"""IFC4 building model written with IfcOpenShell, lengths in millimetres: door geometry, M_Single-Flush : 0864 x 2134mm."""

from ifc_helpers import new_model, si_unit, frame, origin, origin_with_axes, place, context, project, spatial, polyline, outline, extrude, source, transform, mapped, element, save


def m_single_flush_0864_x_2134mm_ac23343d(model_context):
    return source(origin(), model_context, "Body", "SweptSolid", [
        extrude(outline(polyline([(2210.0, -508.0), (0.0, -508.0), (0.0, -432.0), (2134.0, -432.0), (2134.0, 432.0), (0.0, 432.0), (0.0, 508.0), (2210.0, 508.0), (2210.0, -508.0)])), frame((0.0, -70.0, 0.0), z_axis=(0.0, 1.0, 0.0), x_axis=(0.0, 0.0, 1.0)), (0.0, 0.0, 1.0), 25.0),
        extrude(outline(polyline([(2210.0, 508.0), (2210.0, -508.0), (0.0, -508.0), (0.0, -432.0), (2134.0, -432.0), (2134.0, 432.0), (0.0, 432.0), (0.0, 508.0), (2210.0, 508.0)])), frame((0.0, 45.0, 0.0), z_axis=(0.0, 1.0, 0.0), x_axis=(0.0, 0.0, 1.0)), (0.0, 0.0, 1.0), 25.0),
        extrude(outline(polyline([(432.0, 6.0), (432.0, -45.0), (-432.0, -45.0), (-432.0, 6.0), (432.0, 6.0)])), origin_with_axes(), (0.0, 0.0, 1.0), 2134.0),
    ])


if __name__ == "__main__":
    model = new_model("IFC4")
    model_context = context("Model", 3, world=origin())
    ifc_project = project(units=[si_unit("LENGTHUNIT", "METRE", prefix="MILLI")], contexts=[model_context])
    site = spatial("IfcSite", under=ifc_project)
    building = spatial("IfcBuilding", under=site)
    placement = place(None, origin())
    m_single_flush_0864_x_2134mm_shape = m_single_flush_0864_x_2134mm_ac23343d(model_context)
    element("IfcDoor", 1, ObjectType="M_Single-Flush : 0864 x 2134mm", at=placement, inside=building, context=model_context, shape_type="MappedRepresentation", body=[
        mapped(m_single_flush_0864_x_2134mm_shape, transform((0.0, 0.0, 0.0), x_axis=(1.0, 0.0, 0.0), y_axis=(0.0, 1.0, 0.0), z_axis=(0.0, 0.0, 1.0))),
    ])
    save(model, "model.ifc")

══════

Retype the listing above word for word.

Your response
"""IFC4 building model written with IfcOpenShell, lengths in millimetres: door geometry, M_Single-Flush : 0864 x 2134mm."""

from ifc_helpers import new_model, si_unit, frame, origin, origin_with_axes, place, context, project, spatial, polyline, outline, extrude, source, transform, mapped, element, save


def m_single_flush_0864_x_2134mm_ac23343d(model_context):
    return source(origin(), model_context, "Body", "SweptSolid", [
        extrude(outline(polyline([(2210.0, -508.0), (0.0, -508.0), (0.0, -432.0), (2134.0, -432.0), (2134.0, 432.0), (0.0, 432.0), (0.0, 508.0), (2210.0, 508.0), (2210.0, -508.0)])), frame((0.0, -70.0, 0.0), z_axis=(0.0, 1.0, 0.0), x_axis=(0.0, 0.0, 1.0)), (0.0, 0.0, 1.0), 25.0),
        extrude(outline(polyline([(2210.0, 508.0), (2210.0, -508.0), (0.0, -508.0), (0.0, -432.0), (2134.0, -432.0), (2134.0, 432.0), (0.0, 432.0), (0.0, 508.0), (2210.0, 508.0)])), frame((0.0, 45.0, 0.0), z_axis=(0.0, 1.0, 0.0), x_axis=(0.0, 0.0, 1.0)), (0.0, 0.0, 1.0), 25.0),
        extrude(outline(polyline([(432.0, 6.0), (432.0, -45.0), (-432.0, -45.0), (-432.0, 6.0), (432.0, 6.0)])), origin_with_axes(), (0.0, 0.0, 1.0), 2134.0),
    ])


if __name__ == "__main__":
    model = new_model("IFC4")
    model_context = context("Model", 3, world=origin())
    ifc_project = project(units=[si_unit("LENGTHUNIT", "METRE", prefix="MILLI")], contexts=[model_context])
    site = spatial("IfcSite", under=ifc_project)
    building = spatial("IfcBuilding", under=site)
    placement = place(None, origin())
    m_single_flush_0864_x_2134mm_shape = m_single_flush_0864_x_2134mm_ac23343d(model_context)
    element("IfcDoor", 1, ObjectType="M_Single-Flush : 0864 x 2134mm", at=placement, inside=building, context=model_context, shape_type="MappedRepresentation", body=[
        mapped(m_single_flush_0864_x_2134mm_shape, transform((0.0, 0.0, 0.0), x_axis=(1.0, 0.0, 0.0), y_axis=(0.0, 1.0, 0.0), z_axis=(0.0, 0.0, 1.0))),
    ])
    save(model, "model.ifc")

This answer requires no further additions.